(Data excerpts Opens)

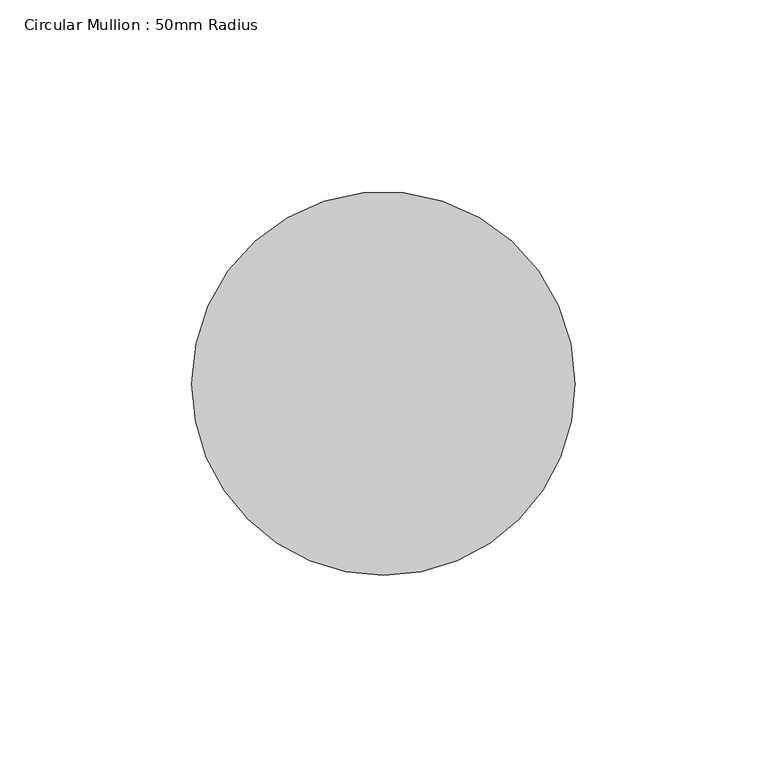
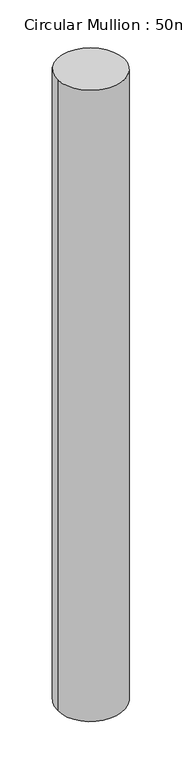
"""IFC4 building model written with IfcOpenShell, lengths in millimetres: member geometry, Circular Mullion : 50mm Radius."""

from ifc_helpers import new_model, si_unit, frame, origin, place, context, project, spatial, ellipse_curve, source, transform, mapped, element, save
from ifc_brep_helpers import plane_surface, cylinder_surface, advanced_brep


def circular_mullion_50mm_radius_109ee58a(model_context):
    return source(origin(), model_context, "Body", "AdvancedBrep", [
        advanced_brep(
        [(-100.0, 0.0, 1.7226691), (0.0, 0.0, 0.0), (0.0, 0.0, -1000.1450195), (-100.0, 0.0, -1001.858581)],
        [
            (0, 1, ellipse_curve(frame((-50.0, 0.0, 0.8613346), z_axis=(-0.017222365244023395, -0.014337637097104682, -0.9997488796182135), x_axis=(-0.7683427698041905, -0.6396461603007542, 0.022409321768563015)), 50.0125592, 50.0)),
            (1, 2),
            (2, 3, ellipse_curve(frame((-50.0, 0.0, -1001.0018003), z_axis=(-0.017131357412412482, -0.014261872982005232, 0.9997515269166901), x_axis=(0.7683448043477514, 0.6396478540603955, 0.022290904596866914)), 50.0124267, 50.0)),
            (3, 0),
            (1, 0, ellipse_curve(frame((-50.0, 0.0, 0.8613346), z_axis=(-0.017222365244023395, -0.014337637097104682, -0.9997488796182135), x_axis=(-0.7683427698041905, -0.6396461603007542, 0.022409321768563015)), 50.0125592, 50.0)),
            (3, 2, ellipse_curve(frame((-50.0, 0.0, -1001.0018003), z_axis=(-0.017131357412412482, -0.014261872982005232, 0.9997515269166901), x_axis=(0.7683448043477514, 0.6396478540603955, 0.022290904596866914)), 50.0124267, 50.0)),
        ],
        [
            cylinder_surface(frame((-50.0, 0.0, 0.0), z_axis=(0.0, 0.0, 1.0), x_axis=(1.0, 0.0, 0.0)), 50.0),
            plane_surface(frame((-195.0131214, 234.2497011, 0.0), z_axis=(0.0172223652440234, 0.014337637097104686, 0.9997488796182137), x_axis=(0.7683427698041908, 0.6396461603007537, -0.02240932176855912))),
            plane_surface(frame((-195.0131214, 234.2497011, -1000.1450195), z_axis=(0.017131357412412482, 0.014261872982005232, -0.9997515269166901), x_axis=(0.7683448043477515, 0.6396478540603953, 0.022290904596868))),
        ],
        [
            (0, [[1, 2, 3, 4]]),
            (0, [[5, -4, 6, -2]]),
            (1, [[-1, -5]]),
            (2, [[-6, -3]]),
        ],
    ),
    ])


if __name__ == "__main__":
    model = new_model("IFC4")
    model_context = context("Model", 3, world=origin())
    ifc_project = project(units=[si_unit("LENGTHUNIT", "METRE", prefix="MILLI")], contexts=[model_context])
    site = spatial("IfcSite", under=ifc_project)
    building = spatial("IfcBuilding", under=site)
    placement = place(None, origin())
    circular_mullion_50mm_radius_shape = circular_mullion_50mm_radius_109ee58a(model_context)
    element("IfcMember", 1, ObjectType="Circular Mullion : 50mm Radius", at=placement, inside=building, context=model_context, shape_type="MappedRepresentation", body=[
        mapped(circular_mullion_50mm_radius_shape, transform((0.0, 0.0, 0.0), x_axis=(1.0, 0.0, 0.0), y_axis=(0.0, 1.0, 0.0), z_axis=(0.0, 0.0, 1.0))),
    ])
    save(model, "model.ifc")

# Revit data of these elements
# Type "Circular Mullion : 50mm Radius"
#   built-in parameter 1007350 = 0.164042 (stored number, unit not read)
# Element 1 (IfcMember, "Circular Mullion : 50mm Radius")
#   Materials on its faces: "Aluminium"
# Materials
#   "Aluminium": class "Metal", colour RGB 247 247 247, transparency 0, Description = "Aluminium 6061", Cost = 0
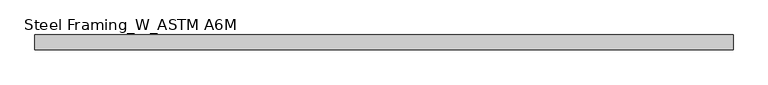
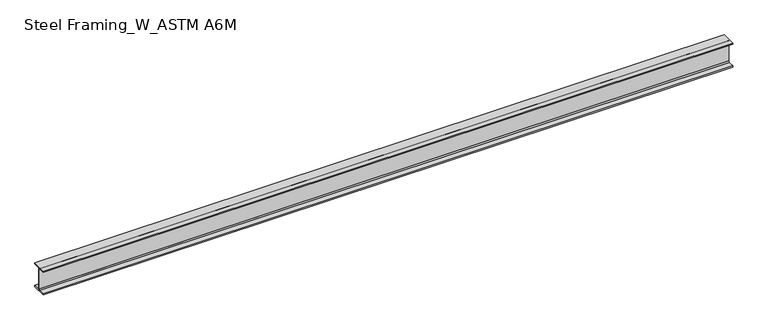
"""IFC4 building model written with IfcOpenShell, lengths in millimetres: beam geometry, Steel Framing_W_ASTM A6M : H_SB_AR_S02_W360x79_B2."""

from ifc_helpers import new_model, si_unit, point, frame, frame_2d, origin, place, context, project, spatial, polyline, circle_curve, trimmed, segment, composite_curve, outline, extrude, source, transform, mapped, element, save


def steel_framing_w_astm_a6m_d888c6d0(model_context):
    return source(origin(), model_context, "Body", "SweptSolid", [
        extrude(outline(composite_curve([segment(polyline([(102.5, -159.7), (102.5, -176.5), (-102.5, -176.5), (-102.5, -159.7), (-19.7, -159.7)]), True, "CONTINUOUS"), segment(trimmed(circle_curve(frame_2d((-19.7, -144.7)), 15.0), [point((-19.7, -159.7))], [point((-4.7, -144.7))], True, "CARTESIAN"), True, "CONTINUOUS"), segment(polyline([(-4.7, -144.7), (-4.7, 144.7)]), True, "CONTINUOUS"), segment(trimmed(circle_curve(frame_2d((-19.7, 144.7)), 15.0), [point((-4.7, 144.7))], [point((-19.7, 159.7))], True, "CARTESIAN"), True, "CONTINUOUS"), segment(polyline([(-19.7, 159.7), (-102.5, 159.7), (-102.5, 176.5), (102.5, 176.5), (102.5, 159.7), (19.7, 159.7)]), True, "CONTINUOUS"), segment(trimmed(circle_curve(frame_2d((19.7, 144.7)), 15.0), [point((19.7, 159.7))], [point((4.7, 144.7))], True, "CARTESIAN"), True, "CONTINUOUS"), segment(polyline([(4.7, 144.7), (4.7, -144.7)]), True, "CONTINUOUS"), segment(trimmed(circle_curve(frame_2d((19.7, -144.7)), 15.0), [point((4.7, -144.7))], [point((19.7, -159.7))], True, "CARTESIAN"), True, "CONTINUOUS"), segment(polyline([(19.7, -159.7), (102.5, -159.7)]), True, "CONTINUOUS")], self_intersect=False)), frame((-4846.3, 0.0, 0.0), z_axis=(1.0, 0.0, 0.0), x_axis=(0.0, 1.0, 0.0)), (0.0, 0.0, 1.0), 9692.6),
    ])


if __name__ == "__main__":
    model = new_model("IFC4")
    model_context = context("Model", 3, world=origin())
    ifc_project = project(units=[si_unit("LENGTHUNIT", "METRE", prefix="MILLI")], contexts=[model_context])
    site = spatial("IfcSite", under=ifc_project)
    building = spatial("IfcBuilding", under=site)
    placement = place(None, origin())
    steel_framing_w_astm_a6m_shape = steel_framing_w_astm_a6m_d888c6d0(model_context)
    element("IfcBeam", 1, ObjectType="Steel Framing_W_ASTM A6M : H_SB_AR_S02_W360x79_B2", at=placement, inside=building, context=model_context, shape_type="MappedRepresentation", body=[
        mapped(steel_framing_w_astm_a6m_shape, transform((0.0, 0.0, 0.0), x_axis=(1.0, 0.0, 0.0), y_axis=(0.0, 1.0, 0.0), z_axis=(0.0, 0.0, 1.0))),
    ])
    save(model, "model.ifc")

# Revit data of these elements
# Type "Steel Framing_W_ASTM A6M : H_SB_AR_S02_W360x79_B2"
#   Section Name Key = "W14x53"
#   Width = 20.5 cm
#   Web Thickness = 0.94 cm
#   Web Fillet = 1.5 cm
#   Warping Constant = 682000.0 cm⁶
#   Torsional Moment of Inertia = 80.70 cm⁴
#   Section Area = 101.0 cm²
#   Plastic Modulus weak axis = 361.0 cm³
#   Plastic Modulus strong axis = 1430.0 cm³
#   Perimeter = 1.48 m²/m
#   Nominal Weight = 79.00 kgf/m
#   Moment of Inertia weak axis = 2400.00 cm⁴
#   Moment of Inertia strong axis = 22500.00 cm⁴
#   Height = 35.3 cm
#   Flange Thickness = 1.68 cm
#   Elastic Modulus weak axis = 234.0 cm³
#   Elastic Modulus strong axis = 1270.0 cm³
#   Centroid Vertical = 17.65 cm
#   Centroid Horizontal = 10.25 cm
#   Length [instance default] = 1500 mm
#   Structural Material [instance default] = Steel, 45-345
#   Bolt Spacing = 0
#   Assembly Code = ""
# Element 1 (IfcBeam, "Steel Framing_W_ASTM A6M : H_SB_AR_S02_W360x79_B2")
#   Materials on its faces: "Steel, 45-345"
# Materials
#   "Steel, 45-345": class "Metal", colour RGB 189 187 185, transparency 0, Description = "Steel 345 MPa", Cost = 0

(Data excerpts Closes)

Whenever a line above includes the string "Materials", copy it.

#   Materials on its faces: "Aluminium"
# Materials
#   Materials on its faces: "Steel, 45-345"
# Materials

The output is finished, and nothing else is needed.